← Back
NVIDIA
NVIDIA CCCL 3.1 adds floating-point determinism controls to GPU reduction algorithms
· releaseapifeatureperformance · developer.nvidia.com ↗

New Determinism Controls for CUB Reductions

NVIDIA CCCL 3.1 adds explicit control over floating-point determinism in the CUB library's reduction algorithms through a new single-phase API. Developers can now specify determinism levels via an execution environment, addressing a critical challenge in parallel computing: ensuring reproducible results across multiple runs.

Three Determinism Modes

The update introduces three configurable determinism levels:

  • not_guaranteed: Uses atomic operations and single-kernel execution for maximum performance, but may produce slightly different results across runs due to non-deterministic thread execution order.
  • run_to_run (default): Guarantees bitwise-identical results across multiple invocations on the same GPU using fixed hierarchical reduction trees with shuffle instructions and shared memory operations.
  • gpu_to_gpu: Ensures reproducible results across different GPUs using the Reproducible Floating-point Accumulator (RFA) technique, with a 20-30% performance penalty for large datasets.

Implementation Details

The new API leverages NVIDIA's execution environment abstraction, allowing developers to specify determinism requirements at runtime:

auto env = cuda::execution::require(cuda::execution::determinism::not_guaranteed);
cub::DeviceReduce::Sum(input.begin(), output.begin(), input.size(), env);

This is only available through the new single-phase API; the legacy two-phase API does not support determinism configuration.
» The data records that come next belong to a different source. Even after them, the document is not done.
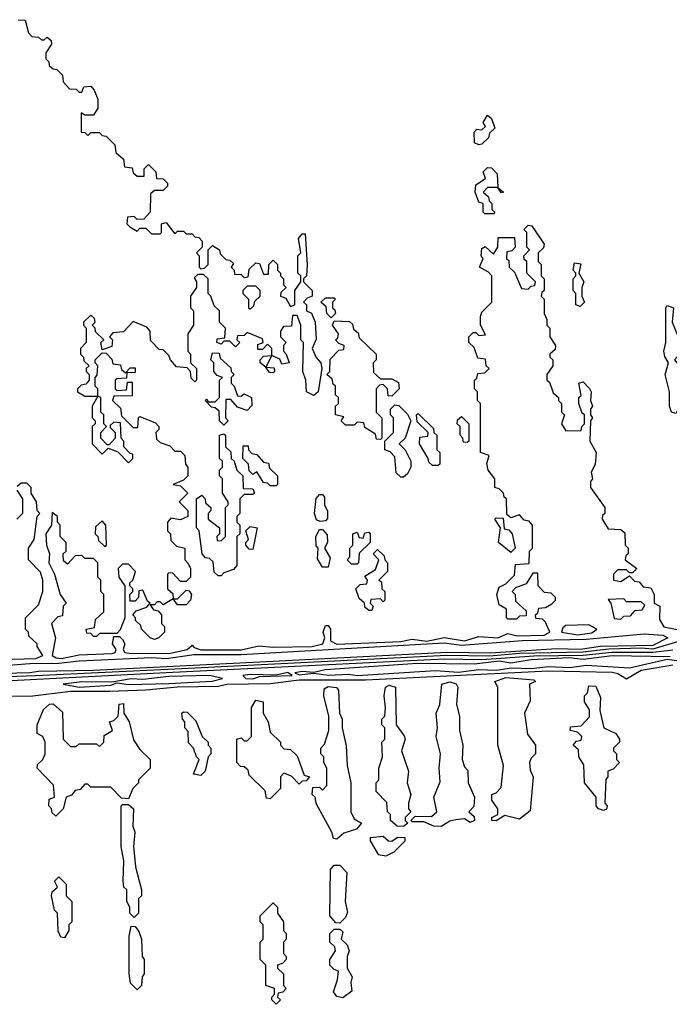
# Model space of a CAD drawing. Extents: x 2737310 to 2869991, y 870230 to 1012730.
# Tile 370 of 479: x 2745510 to 2747752, y 984480 to 987880. Entities that reach past the tile are written whole.
import ezdxf

# ---------------------------------------------------------------- set-up
doc = ezdxf.new("R2010")
doc.units = 0

msp = doc.modelspace()

# ---------------------------------------------------------------- linework, layer by layer
at = {"layer": '0CON02XD'}
for points in [[(2745505, 987880), (2745528.3, 987878.3), (2745540, 987835), (2745551.7, 987821.7), (2745575, 987820), (2745585, 987810), (2745595, 987810), (2745605, 987820), (2745618.3, 987808.3), (2745620, 987795), (2745600, 987765), (2745600, 987745), (2745610, 987735), (2745611.7, 987721.7), (2745625, 987710), (2745638.3, 987708.3), (2745658.3, 987688.3), (2745660, 987665), (2745681.7, 987641.7), (2745705, 987640), (2745715, 987630), (2745725, 987630), (2745731.7, 987648.3), (2745755, 987650), (2745767, 987637), (2745780, 987605), (2745780, 987575), (2745765, 987550), (2745735, 987550), (2745721.7, 987558.3), (2745721.7, 987491.7), (2745735, 987490), (2745745, 987480), (2745755, 987490), (2745785, 987490), (2745795, 987480), (2745808.3, 987478.3), (2745838.3, 987448.3), (2745841.7, 987421.7), (2745868.3, 987398.3), (2745871.7, 987371.7), (2745898.3, 987368.3), (2745901.7, 987351.7), (2745915, 987340), (2745940, 987340), (2745940, 987365), (2745955, 987380), (2745980, 987355), (2745981.7, 987331.7), (2746005, 987330), (2746020, 987315), (2746020, 987305), (2746005, 987290), (2745975, 987290), (2745961.7, 987278.3), (2745960, 987215), (2745938.3, 987191.7), (2745915, 987190), (2745905, 987200), (2745881.7, 987198.3), (2745880, 987175), (2745890, 987165), (2745915, 987150), (2745925, 987160), (2745945, 987160), (2745965, 987140), (2745995, 987140), (2746000, 987145), (2746000, 987175), (2746015, 987180), (2746045, 987140), (2746055, 987150), (2746075, 987150), (2746085, 987140), (2746105, 987140), (2746115, 987130), (2746128.3, 987128.3), (2746140, 987115), (2746140, 987095), (2746120, 987075), (2746130, 987065), (2746130, 987025), (2746135, 987020), (2746148.3, 987021.7), (2746160, 987035), (2746160, 987085), (2746175, 987100), (2746200, 987085), (2746201.7, 987071.7), (2746221.7, 987051.7), (2746235, 987050), (2746248.3, 987038.3), (2746240, 987025), (2746250, 987015), (2746251.7, 987001.7), (2746275, 987000), (2746285, 986990), (2746298.3, 986991.7), (2746301.7, 987018.3), (2746325, 987040), (2746338.3, 987038.3), (2746351.7, 987001.7), (2746368.3, 987001.7), (2746370, 987035), (2746385, 987050), (2746400, 987035), (2746400, 987015), (2746410, 987005), (2746410, 986995), (2746420, 986985), (2746420, 986965), (2746430, 986955), (2746411.7, 986938.3), (2746410, 986925), (2746428.3, 986918.3), (2746445, 986890), (2746460, 986895), (2746460, 986945), (2746480, 986975), (2746480, 986995), (2746470, 987005), (2746470, 987065), (2746480, 987075), (2746472.5, 987125), (2746485, 987140), (2746495, 987140), (2746502.5, 987035), (2746500, 986995), (2746490, 986985), (2746490, 986975), (2746520, 986945), (2746520, 986925), (2746501.7, 986918.3), (2746490, 986905), (2746500, 986895), (2746500, 986875), (2746516.7, 986866.7), (2746530, 986835), (2746533, 986777), (2746520, 986745), (2746533, 986713), (2746550, 986695), (2746552.5, 986675), (2746540, 986595), (2746525, 986582.5), (2746500, 986595), (2746497.5, 986635), (2746487.5, 986665), (2746490, 986765), (2746480, 986775), (2746480, 986825), (2746468.3, 986858.3), (2746451.7, 986858.3), (2746448.3, 986821.7), (2746420, 986820), (2746410, 986805), (2746410, 986785), (2746430, 986765), (2746420, 986755), (2746420, 986735), (2746430, 986725), (2746440, 986695), (2746415, 986690), (2746408.3, 986708.3), (2746380, 986720), (2746360, 986680), (2746388.3, 986678.3), (2746390, 986665), (2746385, 986660), (2746371.7, 986661.7), (2746360, 986680), (2746340, 986695), (2746340, 986705), (2746351.7, 986718.3), (2746380, 986720), (2746380, 986745), (2746365, 986760), (2746348.3, 986741.7), (2746331.7, 986741.7), (2746331.7, 986758.3), (2746350, 986765), (2746348.3, 986778.3), (2746295, 986800), (2746285, 986790), (2746261.7, 986788.3), (2746260, 986775), (2746270, 986765), (2746255, 986750), (2746235, 986770), (2746215, 986770), (2746205, 986760), (2746190, 986765), (2746191.7, 986778.3), (2746218.3, 986781.7), (2746220, 986815), (2746200, 986835), (2746200, 986875), (2746181.7, 986891.7), (2746170, 986925), (2746160, 986935), (2746160, 986985), (2746145, 987000), (2746125, 987000), (2746111.7, 986988.3), (2746120, 986975), (2746120, 986955), (2746100, 986925), (2746100, 986885), (2746110, 986875), (2746110, 986825), (2746090, 986795), (2746090, 986735), (2746100, 986725), (2746100, 986695), (2746120, 986675), (2746120, 986635), (2746115, 986630), (2746101.7, 986641.7), (2746100, 986665), (2746088.3, 986678.3), (2746051.7, 986681.7), (2746030, 986705), (2746025, 986720), (2746005, 986740), (2745991.7, 986741.7), (2745961.7, 986771.7), (2745960, 986805), (2745948.3, 986818.3), (2745901.7, 986838.3), (2745868.3, 986801.7), (2745831.7, 986798.3), (2745820, 986785), (2745830, 986775), (2745828.3, 986751.7), (2745795, 986740), (2745790, 986765), (2745800, 986775), (2745771.7, 986801.7), (2745770, 986815), (2745760, 986825), (2745770, 986835), (2745768.3, 986848.3), (2745755, 986860), (2745730, 986835), (2745730, 986825), (2745740, 986815), (2745740, 986765), (2745720, 986745), (2745720, 986725), (2745730, 986715), (2745731.7, 986701.7), (2745750, 986685), (2745740, 986675), (2745740, 986665), (2745750, 986655), (2745750, 986635), (2745738.3, 986621.7), (2745721.7, 986618.3), (2745710, 986605), (2745710, 986595), (2745735, 986580), (2745780, 986580), (2745780, 986605), (2745770, 986615), (2745770, 986645), (2745777, 986653), (2745780, 986685), (2745770, 986695), (2745770, 986705), (2745795, 986730), (2745808.3, 986728.3), (2745828.3, 986708.3), (2745831.7, 986691.7), (2745858.3, 986688.3), (2745861.7, 986671.7), (2745875, 986660), (2745891.7, 986678.3), (2745908.3, 986678.3), (2745908.3, 986661.7), (2745880, 986660), (2745878.3, 986641.7), (2745845, 986640), (2745840, 986635), (2745840, 986605), (2745845, 986600), (2745878.3, 986601.7), (2745881.7, 986628.3), (2745898.3, 986628.3), (2745898.3, 986581.7), (2745835, 986580), (2745830, 986565), (2745858.3, 986538.3), (2745861.7, 986511.7), (2745901.7, 986471.7), (2745918.3, 986471.7), (2745920, 986505), (2745925, 986510), (2745978.3, 986488.3), (2745990, 986475), (2745990, 986465), (2745980, 986455), (2745981.7, 986431.7), (2745995, 986420), (2746028.3, 986408.3), (2746045, 986390), (2746065, 986390), (2746080, 986375), (2746082.5, 986345), (2746090, 986335), (2746090, 986305), (2746075, 986290), (2746040, 986275), (2746065, 986270), (2746090, 986245), (2746060, 986215), (2746090, 986185), (2746090, 986165), (2746065, 986152.5), (2746031.7, 986158.3), (2746020, 986145), (2746020, 986115), (2746030, 986105), (2746031.7, 986081.7), (2746051.7, 986061.7), (2746080, 986055), (2746080, 986015), (2746091.7, 986001.7)], [(2747095, 987447.5), (2747080, 987455), (2747078.3, 987491.7), (2747088.3, 987501.7), (2747105, 987500), (2747118.3, 987511.7), (2747110, 987525), (2747125, 987550), (2747138.3, 987538.3), (2747150, 987505), (2747131.7, 987488.3), (2747128.3, 987471.7), (2747105, 987450), (2747095, 987447.5)], [(2747145, 987210), (2747115, 987210), (2747110, 987215), (2747110, 987245), (2747095, 987250), (2747082.5, 987285), (2747085, 987310), (2747118.3, 987331.7), (2747110, 987355), (2747125, 987370), (2747138.3, 987368.3), (2747158.3, 987348.3), (2747160, 987300), (2747180, 987285), (2747171.7, 987281.7), (2747160, 987300), (2747125, 987300), (2747110, 987285), (2747128.3, 987268.3), (2747130, 987255), (2747140, 987245), (2747140, 987225), (2747150, 987215), (2747145, 987210)], [(2746091.7, 986001.7), (2746100, 985985), (2746100, 985955), (2746085, 985940), (2746065, 985940), (2746038.3, 985968.3), (2746025, 985970), (2746020, 985965), (2746020, 985915), (2746038.3, 985898.3), (2746040, 985880), (2746055, 985880), (2746085, 985910), (2746095, 985907.5), (2746102.5, 985895), (2746100, 985875), (2746085, 985860), (2746055, 985860), (2746040, 985880), (2746005, 985860), (2745995, 985870), (2745985, 985870), (2745975, 985860), (2745960, 985860), (2745971.7, 985841.7), (2745988.3, 985838.3), (2746000, 985825), (2746000, 985795), (2746010, 985785), (2746010, 985765), (2745990, 985745), (2745975, 985740), (2745960, 985745), (2745930, 985775), (2745928.3, 985788.3), (2745910, 985805), (2745910, 985815), (2745900, 985825), (2745911.7, 985838.3), (2745948.3, 985851.7), (2745960, 985865), (2745951.7, 985871.7), (2745935, 985910), (2745921.7, 985908.3), (2745920, 985885), (2745908.3, 985871.7), (2745891.7, 985871.7), (2745890, 985895), (2745900, 985905), (2745900, 985915), (2745890, 985925), (2745890, 985935), (2745900, 985945), (2745910, 985975), (2745885, 986000), (2745865, 986000), (2745850, 985985), (2745852.5, 985955), (2745872.5, 985925), (2745872.5, 985815), (2745857, 985773), (2745845, 985760), (2745785, 985760), (2745775, 985750), (2745765, 985750), (2745755, 985760), (2745741.7, 985761.7), (2745740, 985775), (2745768.3, 985781.7), (2745771.7, 985808.3), (2745800, 985835), (2745800, 985895), (2745790, 985905), (2745790, 985945), (2745780, 985955), (2745780, 986005), (2745765, 986020), (2745735, 986020), (2745725, 986030), (2745701.7, 986028.3), (2745675, 986000), (2745661.7, 986011.7), (2745660, 986035), (2745670, 986045), (2745670, 986075), (2745650, 986095), (2745650, 986135), (2745640, 986145), (2745640, 986165), (2745621.7, 986178.3), (2745620, 986135), (2745600, 986105), (2745602.5, 986065), (2745612.5, 986035), (2745610, 986005), (2745630, 985965), (2745650, 985895), (2745670, 985865), (2745660, 985855), (2745658.3, 985821.7), (2745641.7, 985818.3), (2745620, 985795), (2745633.3, 985745), (2745622.5, 985685), (2745636.1, 985676.1), (2745654.6, 985674.6), (2745715, 985686.7), (2745828.8, 985691.2), (2745840, 985695), (2745842.5, 985705), (2745830, 985725), (2745835, 985750), (2745855, 985750), (2745865, 985740), (2745872.5, 985725), (2745867.5, 985705), (2745872.5, 985695), (2745887.3, 985692.7), (2746025, 985691.8), (2746087.5, 985705), (2746105, 985720), (2746111.7, 985711.7), (2746135, 985704.4), (2746275, 985704.5), (2746335, 985717.5), (2746385, 985712.7), (2746520, 985715), (2746556.2, 985725), (2746563.3, 985745), (2746557.5, 985765), (2746565, 985787.5), (2746575, 985787.5), (2746582.5, 985775), (2746583.3, 985735), (2746605, 985723.5), (2746825, 985733.1), (2746865, 985741.2), (2746915, 985734), (2746975, 985746.2), (2747045, 985734.6), (2747095, 985750), (2747160, 985745), (2747195, 985760), (2747227.6, 985752.4), (2747320, 985755), (2747340, 985765), (2747325, 985800), (2747315, 985810), (2747291.7, 985811.7), (2747290, 985825), (2747298.3, 985831.7), (2747301.7, 985848.3), (2747325, 985850), (2747347, 985863), (2747360, 985875), (2747360, 985885), (2747345, 985900), (2747321.7, 985901.7), (2747300, 985925), (2747298.3, 985968.3), (2747281.7, 985968.3), (2747258.3, 985931.7), (2747221.7, 985918.3), (2747210, 985905), (2747220, 985895), (2747221.7, 985871.7), (2747258.3, 985838.3), (2747258.3, 985821.7), (2747235, 985820), (2747225, 985810), (2747195, 985810), (2747190, 985815), (2747190, 985845), (2747165, 985860), (2747156.7, 985895), (2747165, 985920), (2747188.3, 985931.7), (2747218.3, 985961.7), (2747221.7, 985998.3), (2747268.3, 986001.7), (2747270, 986045), (2747280, 986055), (2747280, 986135), (2747268.3, 986148.3), (2747251.7, 986151.7), (2747235, 986170), (2747205, 986160), (2747191.7, 986171.7), (2747190, 986225), (2747181.7, 986231.7), (2747180, 986245), (2747165, 986260), (2747150, 986265), (2747150, 986295), (2747127.5, 986325), (2747122.5, 986347.5), (2747130, 986375), (2747100, 986385), (2747100, 986555), (2747090, 986565), (2747090, 986595), (2747080, 986605), (2747080, 986635), (2747088.3, 986641.7), (2747091.7, 986658.3), (2747115, 986660), (2747130, 986675), (2747120, 986685), (2747118.3, 986708.3), (2747091.7, 986711.7), (2747078.3, 986748.3), (2747060, 986765), (2747060, 986785), (2747075, 986800), (2747085, 986800), (2747095, 986790), (2747118.3, 986791.7), (2747100, 986825), (2747100, 986855), (2747105, 986870), (2747140, 986905), (2747140, 986995), (2747128.3, 987008.3), (2747097.5, 987025), (2747110, 987055), (2747102.5, 987065), (2747105, 987090), (2747117, 987097), (2747145, 987070), (2747160, 987095), (2747161.7, 987128.3), (2747218.3, 987128.3), (2747220, 987095), (2747208.3, 987081.7), (2747191.7, 987078.3), (2747190, 987055), (2747198.3, 987048.3), (2747200, 987025), (2747218.3, 987008.3), (2747241.7, 986951.7), (2747265, 986950), (2747275, 986960), (2747288.3, 986961.7), (2747290, 986975), (2747260, 987005), (2747260, 987045), (2747251.7, 987051.7), (2747250, 987065), (2747270, 987085), (2747260, 987095), (2747260, 987145), (2747250, 987155), (2747265, 987170), (2747278.3, 987168.3), (2747320, 987105), (2747318.3, 987091.7), (2747300, 987075), (2747300, 987045), (2747310, 987035), (2747310, 986995), (2747320, 986985), (2747320, 986945), (2747311.7, 986938.3), (2747310, 986925), (2747320, 986915), (2747320, 986865), (2747330, 986845), (2747330, 986825), (2747340, 986815), (2747340, 986785), (2747360, 986755), (2747358.3, 986741.7), (2747340, 986725), (2747340, 986715), (2747350, 986705), (2747350, 986685), (2747330, 986655), (2747330, 986635), (2747338.3, 986628.3), (2747351.7, 986591.7), (2747370, 986575), (2747370, 986565), (2747380, 986555), (2747380, 986525), (2747390, 986515), (2747380, 986485), (2747395, 986460), (2747448.3, 986461.7), (2747450, 986475), (2747460, 986485), (2747460, 986515), (2747451.7, 986521.7), (2747440, 986555), (2747440, 986575), (2747447.5, 986582.5), (2747440, 986625), (2747455, 986630), (2747477, 986607), (2747482.5, 986595), (2747480, 986565), (2747487.5, 986545), (2747480, 986535), (2747480, 986515), (2747487.5, 986505), (2747480, 986495), (2747477.5, 986425), (2747500, 986385), (2747496.4, 986343.6), (2747483, 986317), (2747487.5, 986295), (2747480, 986285), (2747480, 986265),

The implementation addresses the fundamental mathematical challenge that floating-point addition and multiplication are not strictly associative due to rounding errors with finite precision.

Use Cases and Trade-offs

Applications requiring strict reproducibility—such as scientific computing, financial modeling, or regulatory compliance—can now opt for GPU-to-GPU determinism despite performance costs. Performance-critical applications can use not_guaranteed mode for maximum throughput, while general-purpose applications default to run_to_run determinism for consistent results without overhead.